Other new officers elected included Sabrina Easley of Oncor, vice president and campaign chairman; Michael Petty of Devon Energy, vice president and allocations chairman; Barbara Haley, vice president of communications; Steve Summers, treasurer; and Kim Lawson, nominating committee chairman.

New and returning directors include Laura Abseck, Wendell Berry Jr., Bob Fothergill, Wayne Harveson, Karolyn Kinsey, Stacie Meadows, Dorothy Shepherd, Rod Townsend, Carey Williams, Haley, Lawson, Petty and Summers.

Also elected were Chico Mayor J.D. Clark, Leah Geeslin of Pipeline Plastics, Noel Ruddick of GTG Solutions, Steve Sims of First Financial Bank and Ted West of Boyd ISD.

In addition to Rottner, Andrew Sandford is retiring as head of the allocations committee.

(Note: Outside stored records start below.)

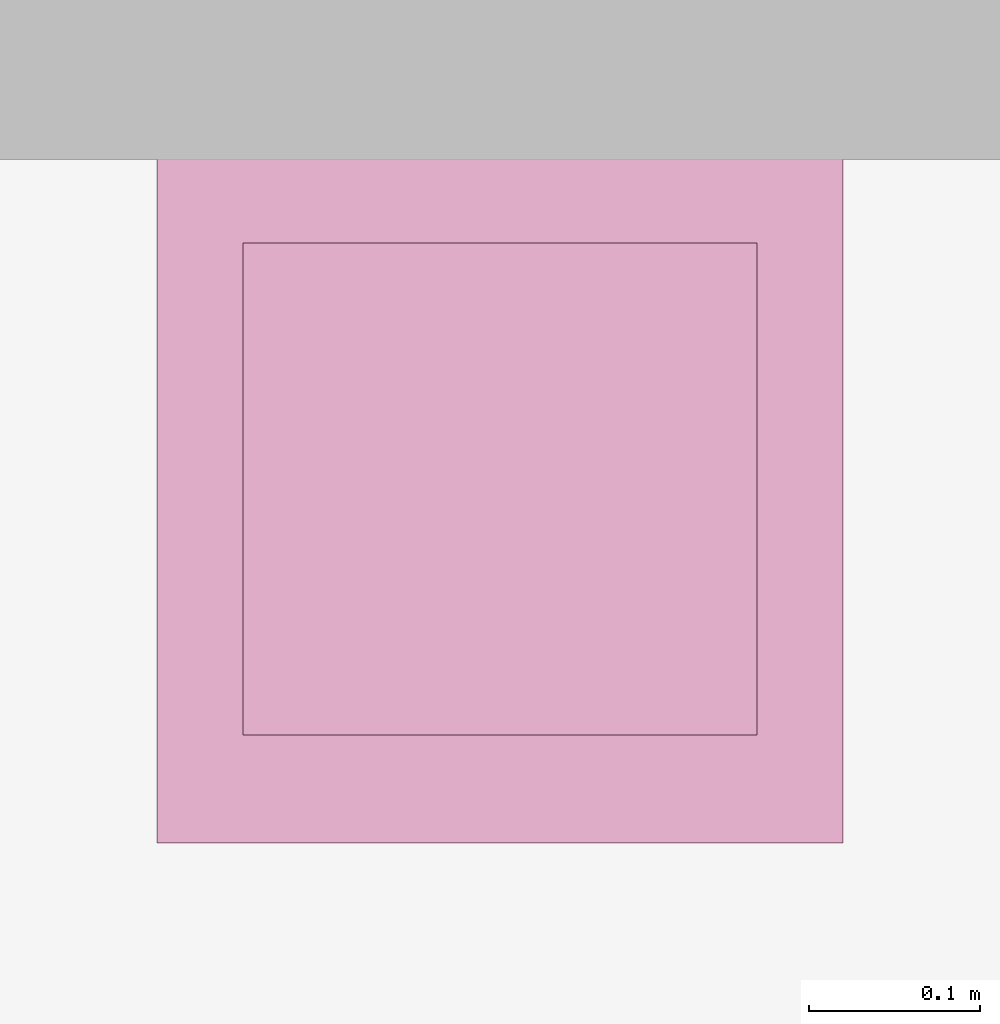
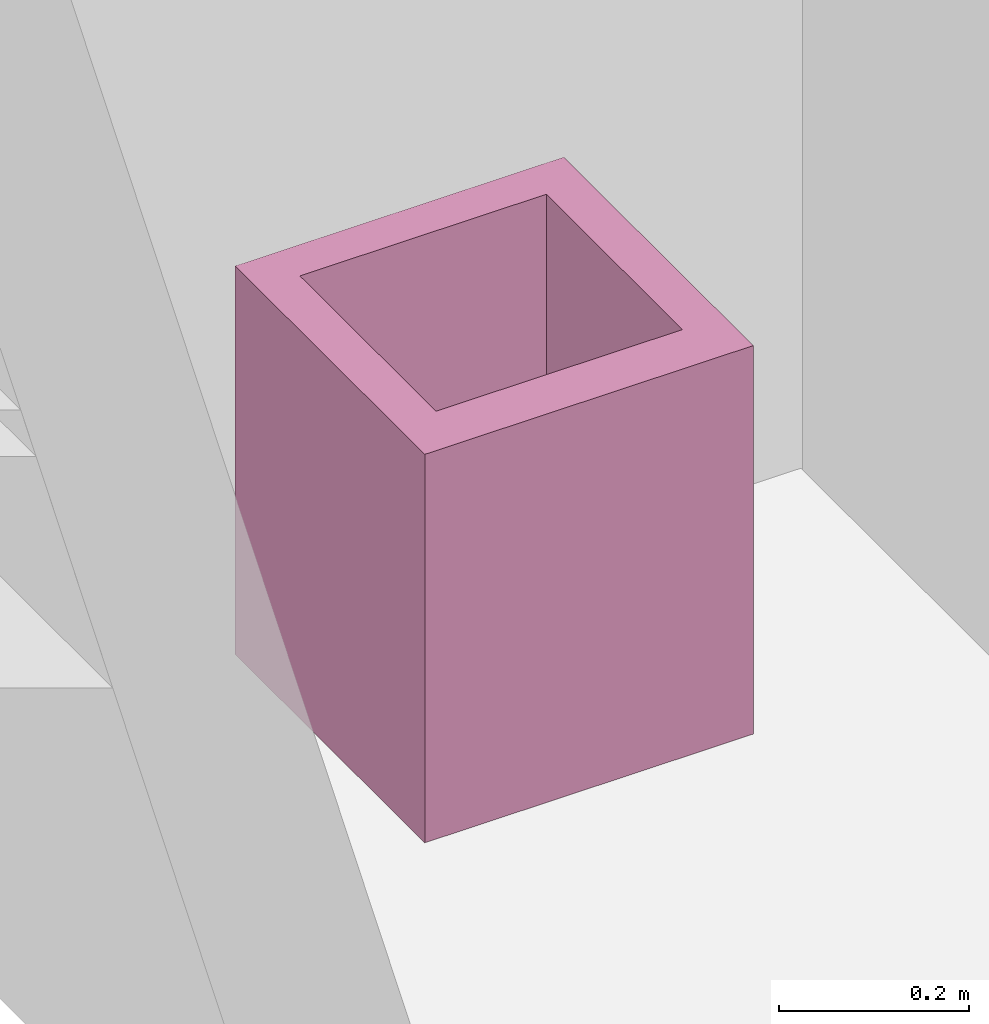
"""IFC4 building model written with IfcOpenShell, lengths in metres."""

from ifc_helpers import new_model, entity, si_unit, converted_unit, derived_unit, frame, origin, place, context, subcontext, project, spatial, faceted_brep, element, save


model = new_model("IFC4")

# Units and contexts
model_context = context("Model", 3, precision=1e-05, world=origin())
body_context = subcontext(model_context, "Body", "Model", "MODEL_VIEW")
ifc_project = project(units=[si_unit("LENGTHUNIT", "METRE"), si_unit("AREAUNIT", "SQUARE_METRE"), si_unit("VOLUMEUNIT", "CUBIC_METRE"), si_unit("MASSUNIT", "GRAM", prefix="KILO"), converted_unit("PLANEANGLEUNIT", "DEGREE", entity("IfcPlaneAngleMeasure", 0.0174532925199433), si_unit("PLANEANGLEUNIT", "RADIAN"), dimensions=[0, 0, 0, 0, 0, 0, 0]), derived_unit("THERMALTRANSMITTANCEUNIT", [(si_unit("POWERUNIT", "WATT"), 1), (si_unit("THERMODYNAMICTEMPERATUREUNIT", "KELVIN"), -1), (si_unit("LENGTHUNIT", "METRE"), -2)]), derived_unit("VOLUMETRICFLOWRATEUNIT", [(si_unit("LENGTHUNIT", "METRE"), 3), (converted_unit("TIMEUNIT", "hour", entity("IfcTimeMeasure", 3600.0), si_unit("TIMEUNIT", "SECOND"), dimensions=[0, 0, 1, 0, 0, 0, 0]), -1), (si_unit("LENGTHUNIT", "METRE"), -1)])], contexts=[model_context])

# Building, storeys
building_placement = place(None, origin())
building = spatial("IfcBuilding", under=ifc_project, at=building_placement, Name="HABITATGE PLURIFAMILIAR", CompositionType="ELEMENT")
storey_1_placement = place(building_placement, frame((0.0, 0.0, 18.29)))
storey_1 = spatial("IfcBuildingStorey", under=building, at=storey_1_placement, Name="PLANTA CINQUENA", CompositionType="ELEMENT", Elevation=18.29)
storey_2_placement = place(storey_1_placement, frame((0.0, 0.0, 15.28)))
storey_2 = spatial("IfcBuildingStorey", under=storey_1, at=storey_2_placement, Name="NOU", CompositionType="PARTIAL")

# Furniture
furniture_placement = place(storey_2_placement, frame((416.236937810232, 27.300783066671, -15.28)))
element("IfcFurniture", 1, at=furniture_placement, inside=storey_2, Name="Abocador P5", context=body_context, shape_type="Brep", body=[
    faceted_brep([(0.05, 0.0628648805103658, 0.5), (0.05, 0.35, 0.5), (0.05, 0.35, 0.2), (0.05, 0.0628648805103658, 0.2), (0.35, 0.0628648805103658, 0.5), (0.35, 0.0628648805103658, 0.2), (0.35, 0.35, 0.5), (0.35, 0.35, 0.2), (0.4, 0.4, 0.0), (0.0, 0.4, 0.0), (0.0, 0.0, 0.0), (0.4, 0.0, 0.0), (0.4, 0.4, 0.5), (0.0, 0.4, 0.5), (0.4, 0.0, 0.5), (0.0, 0.0, 0.5)], [[[0, 1, 2, 3]], [[4, 0, 3, 5]], [[1, 6, 7, 2]], [[7, 5, 3, 2]], [[6, 4, 5, 7]], [[8, 9, 10, 11]], [[9, 8, 12, 13]], [[8, 11, 14, 12]], [[11, 10, 15, 14]], [[10, 9, 13, 15]], [[13, 12, 14, 15], [1, 0, 4, 6]]], orient=[[False], [False], [False], [False], [False], [False], [False], [False], [False], [False], [False, False]]),
])

save(model, "model.ifc")
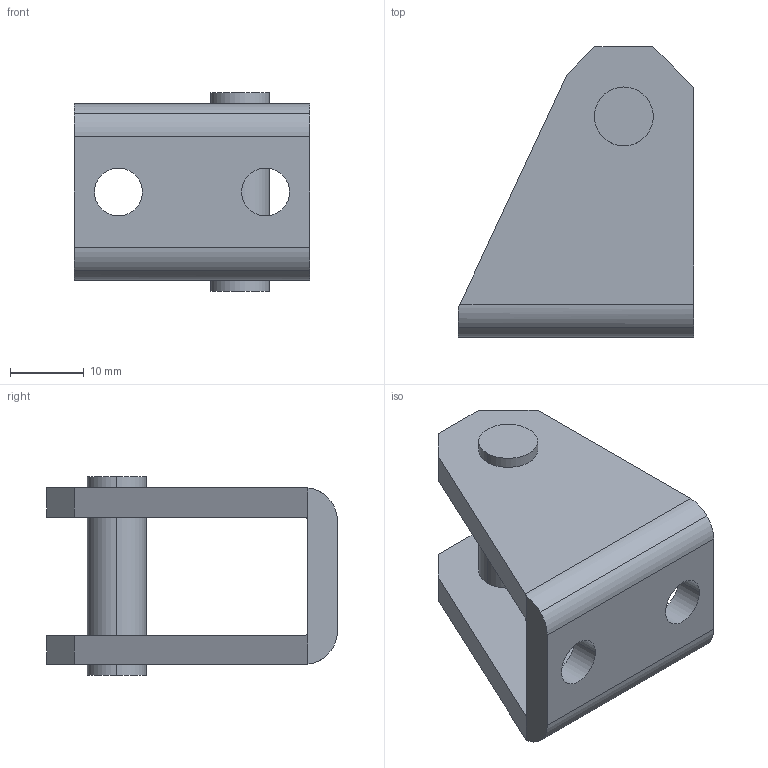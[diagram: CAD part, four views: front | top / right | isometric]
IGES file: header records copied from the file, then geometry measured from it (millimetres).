
Global section: file name: No Iges File Name specified; native system: AutoDesk Inventor R6.0; preprocessor: AutoDesk Inventor Iges Exporter R6.0; author: No Author specified; organization: No Organization specified; date: 20030408.082043; units: millimetre
Bounding box: 32 x 39.5 x 27 mm (x, y, z)
Volume: 9992.8 mm3; surface area: 5957.9 mm2
Topology: 1 solids, 1 shells, 36 faces, 94 edges, 62 vertices
Faces by surface type: plane 18, cylinder 10, bspline 4, revolution 4

Both will remain on the United Way board.

“It’s simply an honor to serve as your new president,” McQuiston said. “I want to thank you all for loving your neighbors. You make this a great place to live and work.”

United Way allocations to 29 “partner agencies” totaled $436,120 in 2013, with the largest amount, $67,000, going to the Wise Area Relief Mission (WARM). South Wise Services received $34,000 and the Wise County Committee on Aging $27,000. Receiving $25,000 allocations were the Wise County Community Health Center, Court Appointed Special Advocates (CASA) of Wise and Jack Counties and a program called Launchability.